▸ Task prompt
Retype, word for word, the lines from the first line of the entries through the line that holds "dB, |S12| = -22.7 dB"; leave out the pictures.

Records from a data collection:
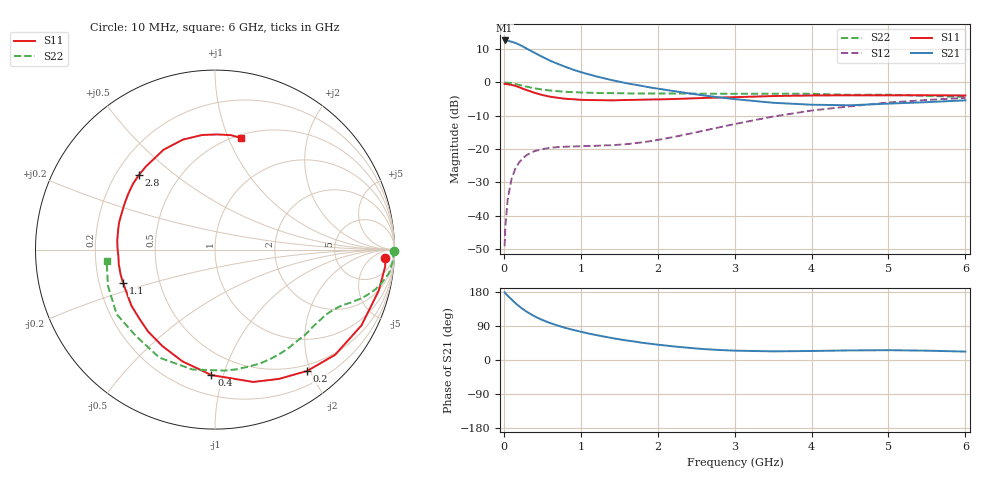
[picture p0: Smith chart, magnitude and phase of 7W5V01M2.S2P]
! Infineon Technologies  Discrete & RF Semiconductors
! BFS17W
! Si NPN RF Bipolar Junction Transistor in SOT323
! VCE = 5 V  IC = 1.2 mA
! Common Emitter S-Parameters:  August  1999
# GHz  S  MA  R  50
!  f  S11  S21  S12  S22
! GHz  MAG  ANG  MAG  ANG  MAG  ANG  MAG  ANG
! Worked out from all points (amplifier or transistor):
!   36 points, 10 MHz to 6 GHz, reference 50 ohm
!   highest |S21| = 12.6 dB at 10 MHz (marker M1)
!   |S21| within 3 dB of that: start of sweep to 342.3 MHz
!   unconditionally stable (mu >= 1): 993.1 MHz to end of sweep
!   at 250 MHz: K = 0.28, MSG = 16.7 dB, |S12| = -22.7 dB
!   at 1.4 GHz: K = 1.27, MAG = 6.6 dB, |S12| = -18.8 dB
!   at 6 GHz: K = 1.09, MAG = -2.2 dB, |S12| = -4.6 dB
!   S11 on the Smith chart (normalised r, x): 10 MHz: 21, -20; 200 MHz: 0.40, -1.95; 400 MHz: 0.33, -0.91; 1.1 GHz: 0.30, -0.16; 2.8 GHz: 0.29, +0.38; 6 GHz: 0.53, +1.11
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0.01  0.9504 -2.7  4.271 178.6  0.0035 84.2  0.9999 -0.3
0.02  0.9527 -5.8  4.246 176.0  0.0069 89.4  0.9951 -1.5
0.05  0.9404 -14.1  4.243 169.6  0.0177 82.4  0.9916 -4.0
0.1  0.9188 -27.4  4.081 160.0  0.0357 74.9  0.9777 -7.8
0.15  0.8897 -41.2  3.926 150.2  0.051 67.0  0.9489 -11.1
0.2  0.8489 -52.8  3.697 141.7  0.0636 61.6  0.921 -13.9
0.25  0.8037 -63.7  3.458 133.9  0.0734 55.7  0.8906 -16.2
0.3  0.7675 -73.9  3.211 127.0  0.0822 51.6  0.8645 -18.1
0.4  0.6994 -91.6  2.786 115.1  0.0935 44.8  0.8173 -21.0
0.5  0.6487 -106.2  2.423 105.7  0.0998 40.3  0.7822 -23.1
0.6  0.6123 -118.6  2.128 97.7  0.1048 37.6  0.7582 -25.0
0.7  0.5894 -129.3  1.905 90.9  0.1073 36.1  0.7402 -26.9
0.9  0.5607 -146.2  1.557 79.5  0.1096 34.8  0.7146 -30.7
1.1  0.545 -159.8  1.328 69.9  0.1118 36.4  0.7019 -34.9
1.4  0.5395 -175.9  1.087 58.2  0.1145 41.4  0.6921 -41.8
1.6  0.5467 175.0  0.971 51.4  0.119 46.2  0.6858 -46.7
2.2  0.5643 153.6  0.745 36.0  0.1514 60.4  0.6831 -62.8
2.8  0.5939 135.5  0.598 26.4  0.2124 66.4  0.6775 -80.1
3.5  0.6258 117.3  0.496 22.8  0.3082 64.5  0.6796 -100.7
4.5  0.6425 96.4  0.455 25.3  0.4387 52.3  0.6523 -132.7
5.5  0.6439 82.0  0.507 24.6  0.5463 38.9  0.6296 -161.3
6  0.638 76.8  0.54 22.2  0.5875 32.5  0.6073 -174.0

▸ Solution to this problem
[picture p0: Smith chart, magnitude and phase of 7W5V01M2.S2P]
! Infineon Technologies  Discrete & RF Semiconductors
! BFS17W
! Si NPN RF Bipolar Junction Transistor in SOT323
! VCE = 5 V  IC = 1.2 mA
! Common Emitter S-Parameters:  August  1999
# GHz  S  MA  R  50
!  f  S11  S21  S12  S22
! GHz  MAG  ANG  MAG  ANG  MAG  ANG  MAG  ANG
! Worked out from all points (amplifier or transistor):
!   36 points, 10 MHz to 6 GHz, reference 50 ohm
!   highest |S21| = 12.6 dB at 10 MHz (marker M1)
!   |S21| within 3 dB of that: start of sweep to 342.3 MHz
!   unconditionally stable (mu >= 1): 993.1 MHz to end of sweep
!   at 250 MHz: K = 0.28, MSG = 16.7 dB, |S12| = -22.7 dB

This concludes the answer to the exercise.